Holding members of the organisation, particularly foreigners, in temporary jails was framed in part as an effort to prevent them from spreading COVID-19. However, members of the state government viewed the Tablighi Jamaat with suspicion also because of its Muslim and transnational character. In Bharatiya Janata Party-led UP, under stridently Hindu-nationalist Chief Minister Adityanath, members of Tablighi Jamaat were positioned as threats to the health and well-being of the Hindu majority. Their incarceration, despite the risks posed by increasing even the ‘quarantined’ prison population, reflected the state’s efforts to associate the epidemic and its spread with an already distrusted or disdained population. Whereas several other states dismissed charges against Tablighi Jamaat members, by continuing to incarcerate them in UP jails, Adityanath’s government implied that they should be held accountable for the regional spread of COVID-19. This notion was so widespread that some in the mainstream press and social media across the border in Nepal uncritically picked up the argument. The behaviour, belief, and identities of arrestees prior to their incarceration was once again used to explain the high rates of epidemic illness within the prison.

Moreover, even prisoners who were granted early or temporary release were given limited or no support in adjusting to the world outside of detention. This has meant that many former prisoners faced social and economic discrimination, with both potential employers and members of their communities viewing them as potentially contaminated by the virus. Others faced distrust within their communities because they were seen as criminals who had been released on a technicality.

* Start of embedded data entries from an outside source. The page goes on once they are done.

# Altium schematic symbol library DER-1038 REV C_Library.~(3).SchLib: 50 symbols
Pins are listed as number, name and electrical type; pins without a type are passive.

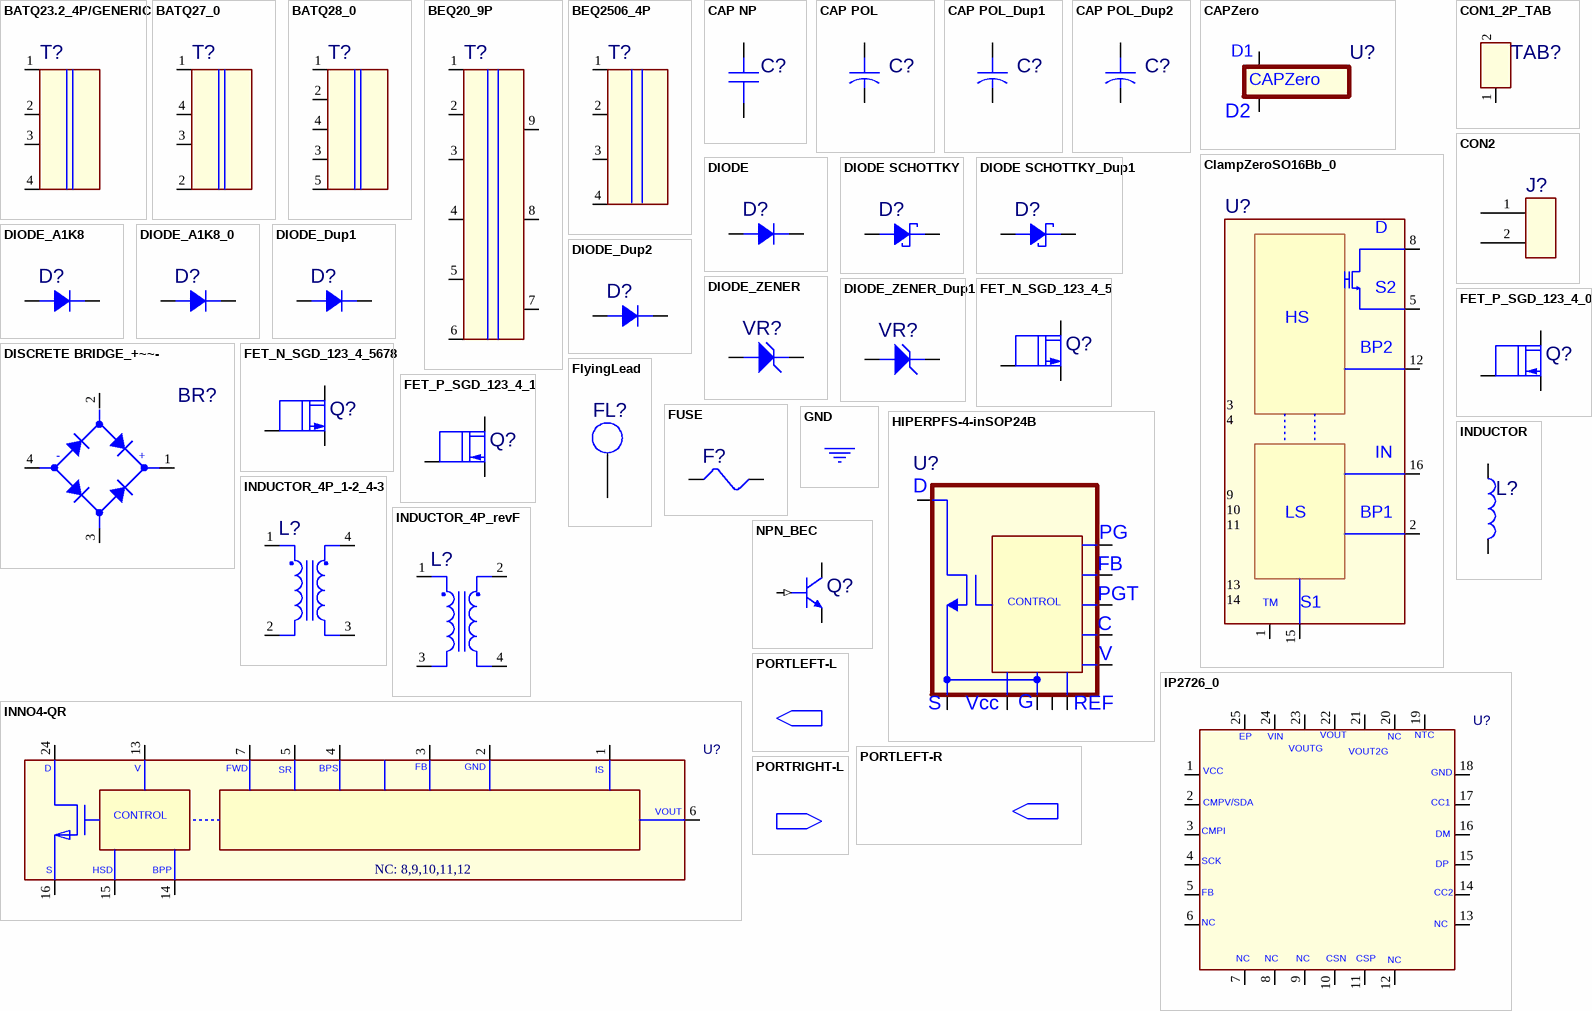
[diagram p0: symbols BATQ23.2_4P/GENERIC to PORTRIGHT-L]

## BATQ23.2_4P/GENERIC
designator T?
Altium-Right: 40; Altium-Bottom: 80
pins: 1, 2, 3, 4

## BATQ27_0
designator T?
Altium-Right: 40; Altium-Bottom: 80
pins: 1, 2, 3, 4

## BATQ28_0
designator T?
Altium-Right: 40; Altium-Bottom: 80
pins: 1, 2, 3, 4, 5

## BEQ20_9P
designator T?
Altium-Right: 40; Altium-Bottom: 181
pins: 1, 2, 3, 4, 5, 6, 7, 8, 9

## BEQ2506_4P
designator T?
Altium-Right: 40; Altium-Bottom: 90
pins: 1, 2, 3, 4

## CAP NP
designator C?
Altium-Right: 20; Altium-Bottom: 30
footprint RAD/.250X.125/LS.200/.031
pins: 1, 2

## CAP POL
designator C?
Altium-Right: 20
pins: 1, 2

## CAP POL_Dup1
designator C?
Altium-Right: 20
pins: 1, 2

## CAP POL_Dup2
designator C?
Altium-Right: 20
pins: 1, 2

## CAPZero
designator U?
Altium-Right: 70; Altium-Bottom: 20
pins: 1 NC1, 2 D1, 3 NC2, 4 NC3, 5 NC4, 6 NC5, 7 D2, 8 NC8

## ClampZeroSO16Bb_0
designator U?
PACK_SHORT: (S2,S9,S10,S11); Altium-Right: 120; Altium-Bottom: 270
pins: 1 TRIM, 2 BP1, 3 NC3, 4 NC4, 5 S2, 8 D, 9 S9, 10 S10, 11 S11, 12 BP2, 13 NC13, 14 NC14, 15 S1, 16 IN

## CON1_2P_TAB
designator TAB?  (value not drawn)
PACK_SHORT: (1,2); Altium-Right: 20; Altium-Bottom: 30
pins: 1, 2

## CON2
designator J?  (value not drawn)
Altium-Right: 20; Altium-Bottom: 40
pins: 1, 2

## DIODE
designator D?
Altium-Right: 30; Altium-Bottom: 20
pins: 1, 2

## DIODE SCHOTTKY
designator D?
Altium-Right: 30; Altium-Bottom: 20
footprint DAX1/.500X.225/.062
pins: 1, 2

## DIODE SCHOTTKY_Dup1
designator D?
Altium-Right: 30; Altium-Bottom: 20
footprint DAX1/.500X.225/.062
pins: 1, 2

## DIODE_A1K8
designator D?
Altium-Right: 30; Altium-Bottom: 20
pins: 1 A, 8 K

## DIODE_A1K8_0
designator D?
Altium-Right: 30; Altium-Bottom: 20
pins: 1 A, 8 K

## DIODE_Dup1
designator D?
Altium-Right: 30; Altium-Bottom: 20
pins: 1, 2

## DIODE_Dup2
designator D?
Altium-Right: 30; Altium-Bottom: 20
pins: 1, 2

## DIODE_ZENER
designator VR?
Altium-Right: 30; Altium-Bottom: 20
footprint DIO/W.80/LS.400/.030
pins: 1, 2

## DIODE_ZENER_Dup1
designator VR?
Altium-Right: 30; Altium-Bottom: 20
footprint DIO/W.80/LS.400/.030
pins: 1, 2

## DISCRETE BRIDGE_+~~-
designator BR?
Altium-Right: 80
pins: 1 +DC, 2 AC1, 3 AC2, 4 -DC

## FET_N_SGD_123_4_5
designator Q?
PACK_SHORT: (S,S2,S3); Altium-Right: 30; Altium-Bottom: 20
pins: 1 S, 2 S2, 3 S3, 4 G, 5 D

## FET_N_SGD_123_4_5678
designator Q?
PACK_SHORT: (S,S2,S3)(D,D6,D7,D8); Altium-Right: 30; Altium-Bottom: 20
pins: 1 S, 2 S2, 3 S3, 4 G, 5 D, 6 D6, 7 D7, 8 D8

## FET_P_SGD_123_4_0
designator Q?
PACK_SHORT: (S,S2,S3)(D,D6,D7,D8); Altium-Right: 30; Altium-Bottom: 20
pins: 1 S, 2 S2, 3 S3, 4 G, 5 D, 6 D6, 7 D7, 8 D8

## FET_P_SGD_123_4_1
designator Q?
PACK_SHORT: (S,S2,S3)(D,D6,D7,D8); Altium-Right: 30; Altium-Bottom: 20
pins: 1 S, 2 S2, 3 S3, 4 G, 5 D, 6 D6, 7 D7, 8 D8

## FlyingLead
designator FL?  (value not drawn)
Altium-Right: 20
pins: 1

## FUSE
designator F?
Altium-Right: 30; Altium-Bottom: 20
pins: 1, 2

## GND
designator *  (value not drawn)  (graphical)
Altium-Right: 20; Altium-Bottom: 10
pins: $PIN0 (power) hidden to $PIN0

## HIPERPFS-4-inSOP24B
designator U?
PACK_SHORT: (G,G12); NC: 9,10,11,13,14,15; Altium-Right: 110; Altium-Bottom: 140
pins: 1 VCC, 2 G, 3 REF, 4 V, 5 C, 6 FB, 7 PG, 8 PGT, 12 G12, 16 D, 24 S

## INDUCTOR
designator L?
Altium-Right: 10; Altium-Bottom: 40
pins: 1, 2

## INDUCTOR_4P_1-2_4-3
designator L?
Altium-Right: 40; Altium-Bottom: 60
pins: 1, 2, 3, 4

## INDUCTOR_4P_revF
designator L?
Altium-Right: 40; Altium-Bottom: 60
pins: 1, 2, 3, 4

## INNO4-QR
designator U?  NC: 8,9,10,11,12
Altium-Right: 440; Altium-Bottom: 80
pins: 1, 2, 3, 4, 5, 6, 7, 13, 14, 15, 16, 24

## IP2726_0
designator U?
Altium-Right: 170; Altium-Bottom: 160
pins: 1, 2, 3, 4, 5, 6, 7, 8, 9, 10, 11, 12, 13, 14, 15, 16, 17, 18, 19, 20, 21, 22, 23, 24, 25

## NPN_BEC
designator Q?
Altium-Right: 20
pins: 1 BASE (in), 2 EMITTER, 3 COLLECTOR

## PORTLEFT-L
designator *  (value not drawn)  (graphical)
Altium-Right: 30; Altium-Bottom: 20
pins: PORTLEFT-L (out)

## PORTLEFT-R
designator *  (value not drawn)  (graphical)
Altium-Right: 30; Altium-Bottom: 20
pins: PORTLEFT-R (out)

## PORTRIGHT-L
designator *  (value not drawn)  (graphical)
Altium-Right: 30; Altium-Bottom: 20
pins: PORTRIGHT-L (in)

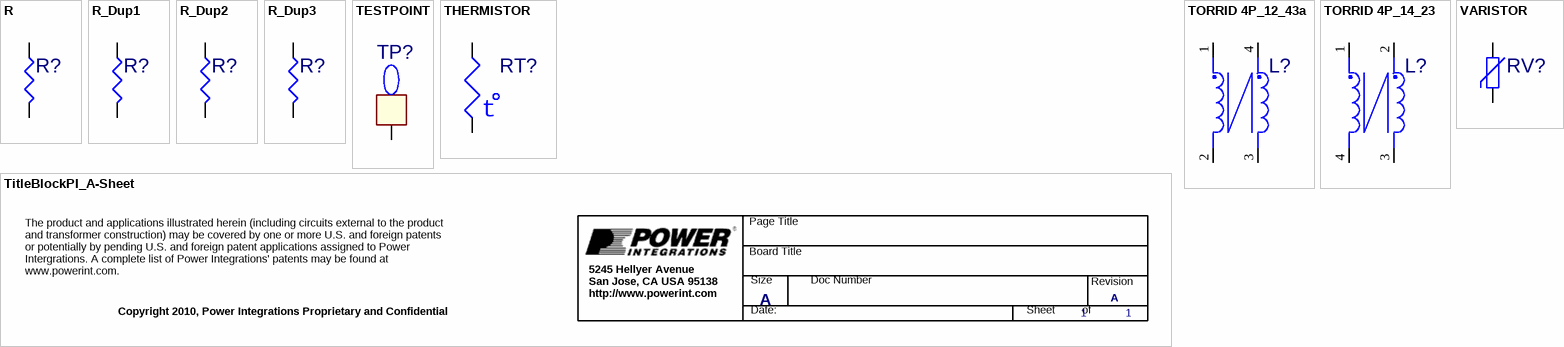
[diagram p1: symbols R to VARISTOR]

## R
designator R?
Altium-Right: 20; Altium-Bottom: 30
pins: 1, 2

## R_Dup1
designator R?
Altium-Right: 20; Altium-Bottom: 30
pins: 1, 2

## R_Dup2
designator R?
Altium-Right: 20; Altium-Bottom: 30
pins: 1, 2

## R_Dup3
designator R?
Altium-Right: 20; Altium-Bottom: 30
pins: 1, 2

## TESTPOINT
designator TP?  (value not drawn)
Altium-Right: 20; Altium-Bottom: 40
pins: 1

## THERMISTOR
designator RT?
Altium-Right: 30; Altium-Bottom: 40
pins: 1, 2

## TitleBlockPI_A-Sheet
designator *  RevCode: A  Page Count: 1  (hidden comment: *)  (graphical)
Altium-Right: 760; Altium-Bottom: 70

## TORRID 4P_12_43a
designator L?
Altium-Right: 40; Altium-Bottom: 60
pins: 1, 2, 3, 4

## TORRID 4P_14_23
designator L?
Altium-Right: 40; Altium-Bottom: 60
pins: 1, 2, 3, 4

## VARISTOR
designator RV?
Altium-Right: 20
pins: 1, 2

Colonial prison administrators pursued sanitary and health reforms in Indian prisons in response to cholera outbreaks, but these reforms always remained secondary to the state’s belief in its responsibility to discipline and control incarcerated individuals. In much the same way, in UP, while the state government initially responded to the Supreme Court’s mandate by arranging early or temporary release for a limited number of incarcerated people, it ultimately sought alternative, conservative changes to mitigate the spread of COVID-19.

Historically, both the colonial and postcolonial regimes have found easy scapegoats among the marginal. When the high mortality rate in colonial prisons undermined British claims on social improvement, prison administrators blamed the contexts in which incarcerated people lived and worked prior to their incarceration for their susceptibility to epidemics. In contemporary India, meanwhile, officials have blamed individuals coming from marginalised communities, like members of Tablighi Jamaat, and justified incarceration of individuals distrusted for their religious or social backgrounds. These carceral responses to health scares, from the days of cholera outbreaks in the 19th century to today’s pandemic, suggest that colonial-era associations between prisoners’ health, sanitation and morality remain intact today.